■ Data shown:
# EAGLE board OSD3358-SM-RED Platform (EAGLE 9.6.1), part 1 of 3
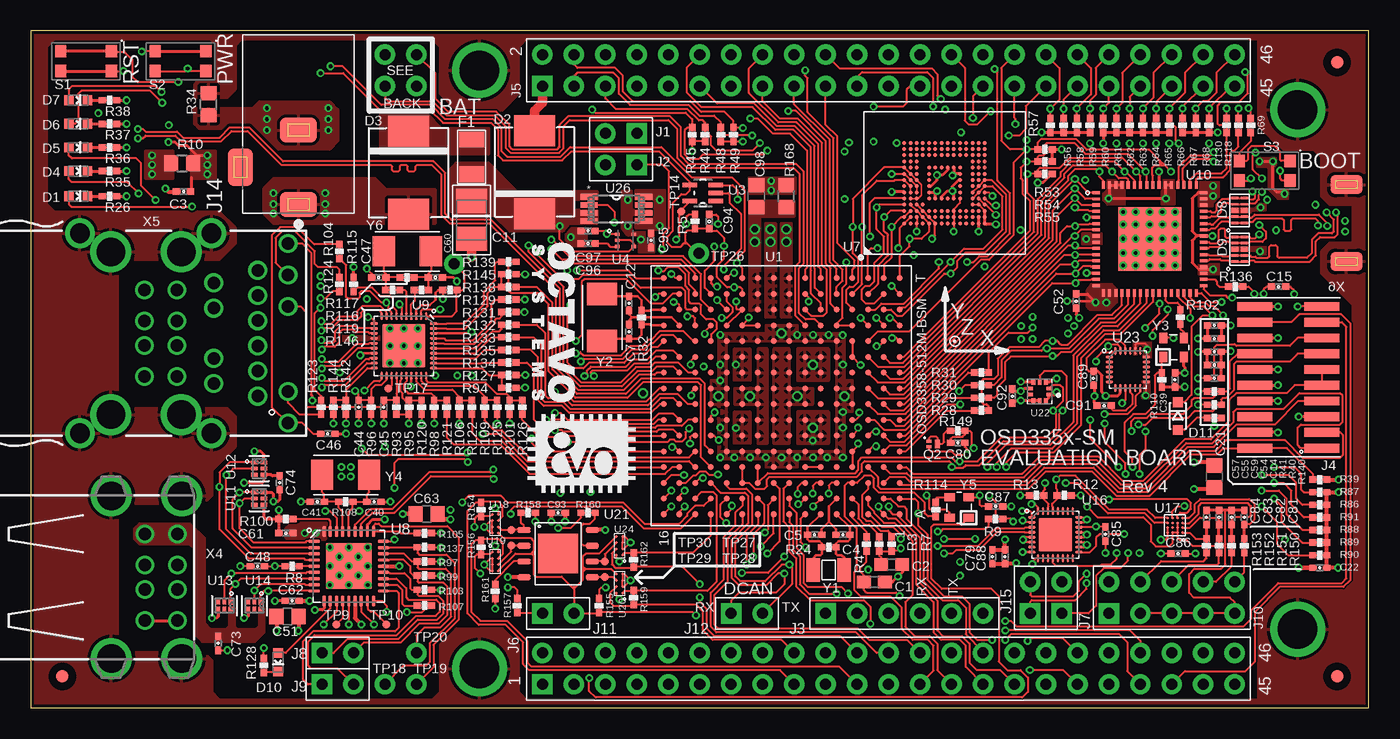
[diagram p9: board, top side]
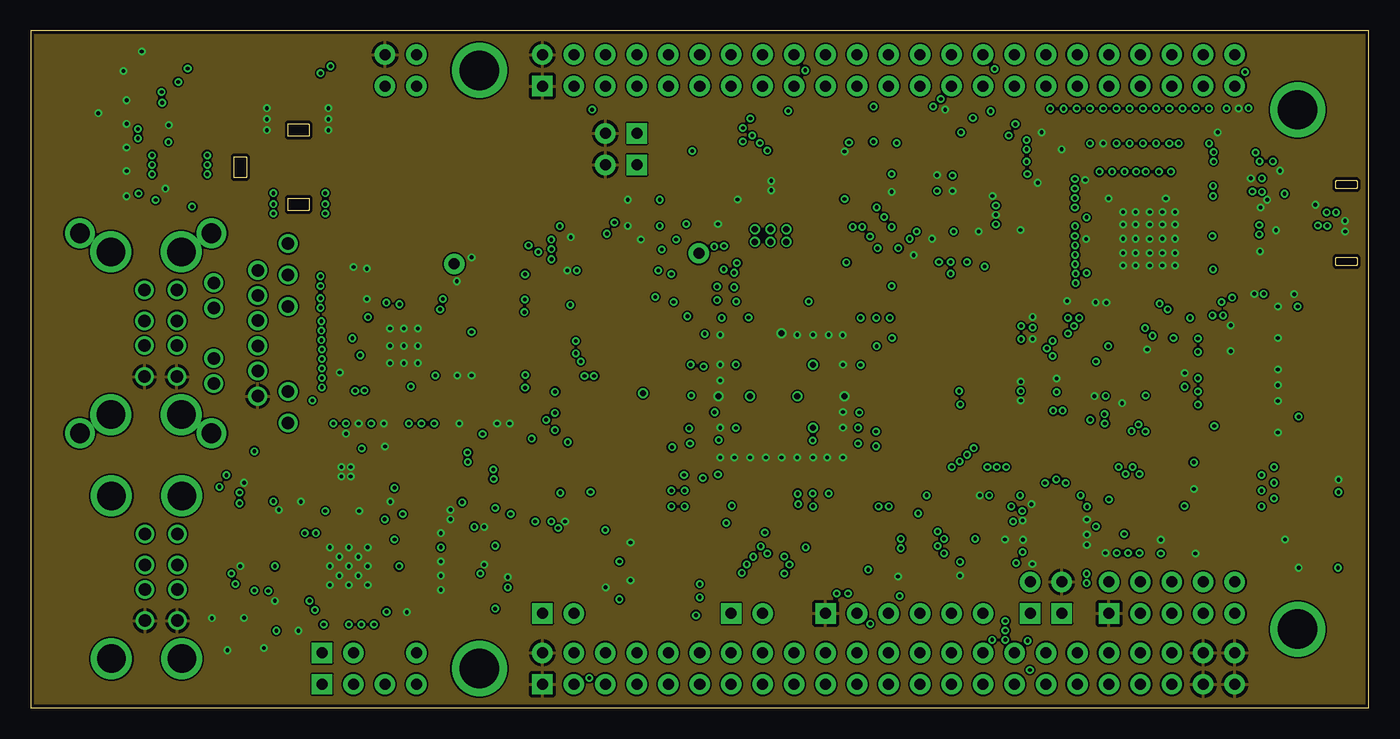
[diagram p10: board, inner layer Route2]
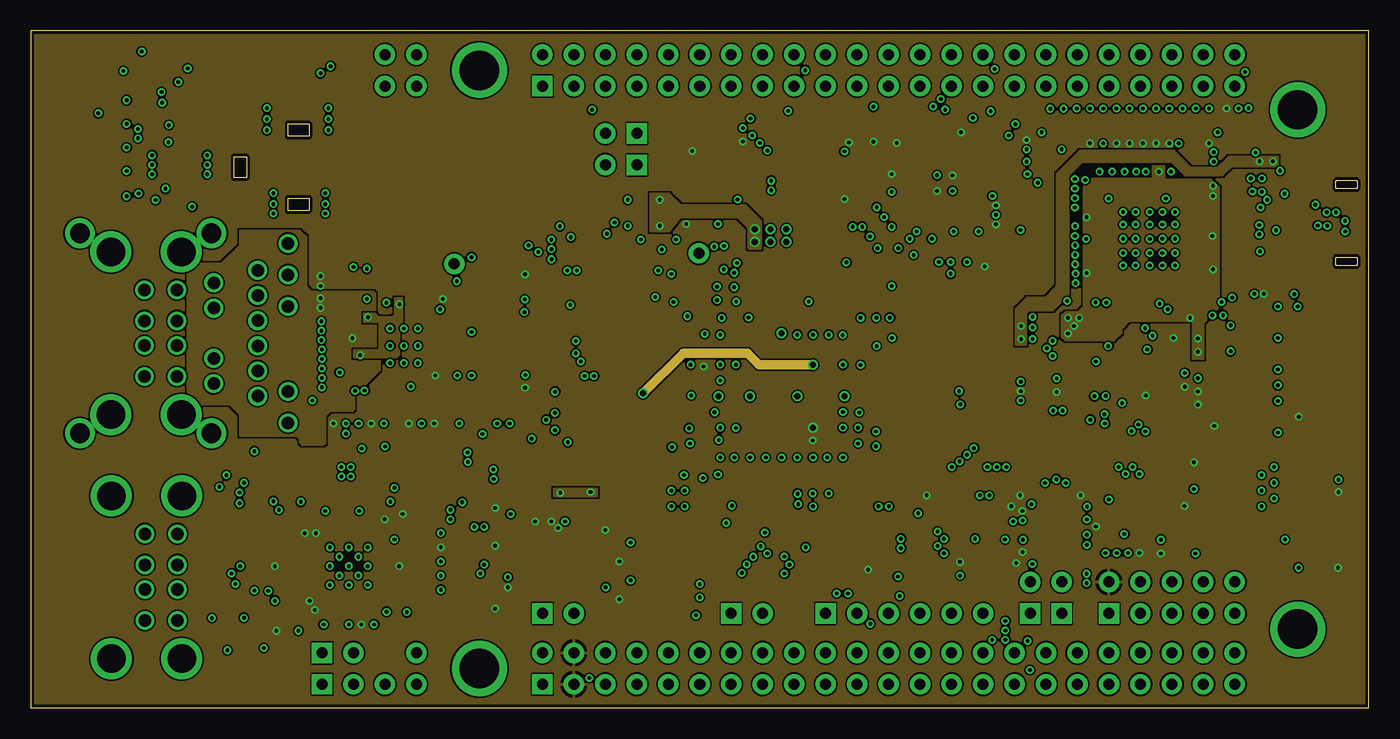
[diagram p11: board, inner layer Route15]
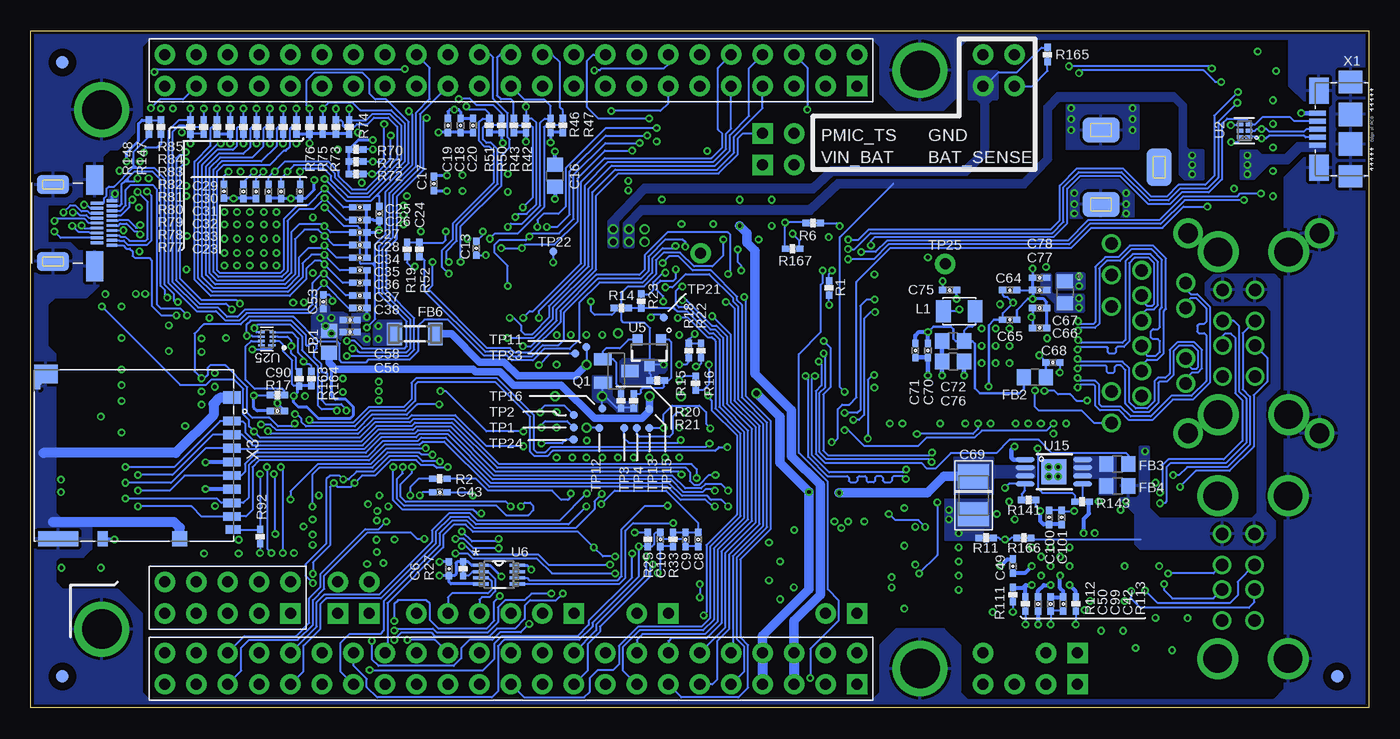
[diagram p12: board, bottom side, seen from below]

Size 107.95 x 54.61 mm. Coordinates in mm from the lower left corner, seen from the top.
Outline: 0,0 107.95,0 107.95,54.61 0,54.61 0,0
Copper layers (1*2*15*16): Top 0.035mm / dielectric 0.23mm / Route2 0.035mm / dielectric 0.93mm / Route15 0.035mm / dielectric 0.23mm / Bottom 0.035mm
Design rules "MF_Standard_4_Layer *": minimum track width 5mil, minimum drill 12mil, track to track 5mil, track to pad 5mil, pad to pad 5mil, via to via 5mil, smd to smd 0mil, copper to edge 10mil, drill to drill 10mil, minimum pad ring 6mil, minimum via ring 6mil, stop-mask expansion 2mil, vias tented up to drill 25mil, thermal gap 10mil
Net classes: 0 default: width 0.127 mm, drill 0.254 mm; 1 ground: width 0.152 mm, drill 0.254 mm, clearance 0.152 mm

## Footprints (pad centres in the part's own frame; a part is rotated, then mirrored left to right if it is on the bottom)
C0603 = smd 1.1 x 1: 1 -0.85,0; 2 0.85,0
C0402 = smd 0.61 x 0.508: 1 -0.559,0; 2 0.559,0
B/3528-21R = smd 1.95 x 2.5: + 1.525,0; - -1.525,0
C0805 = smd 1.143 x 1.27: 1 -0.889,0; 2 0.889,0
0603 = smd 0.787 x 0.787: 1 -0.749,0; 2 0.749,0
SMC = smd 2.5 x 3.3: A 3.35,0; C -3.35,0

■ Exercise objective:
A single number is the answer: how many lines in the records above contain the word "inner".

■ Answer for the task:
2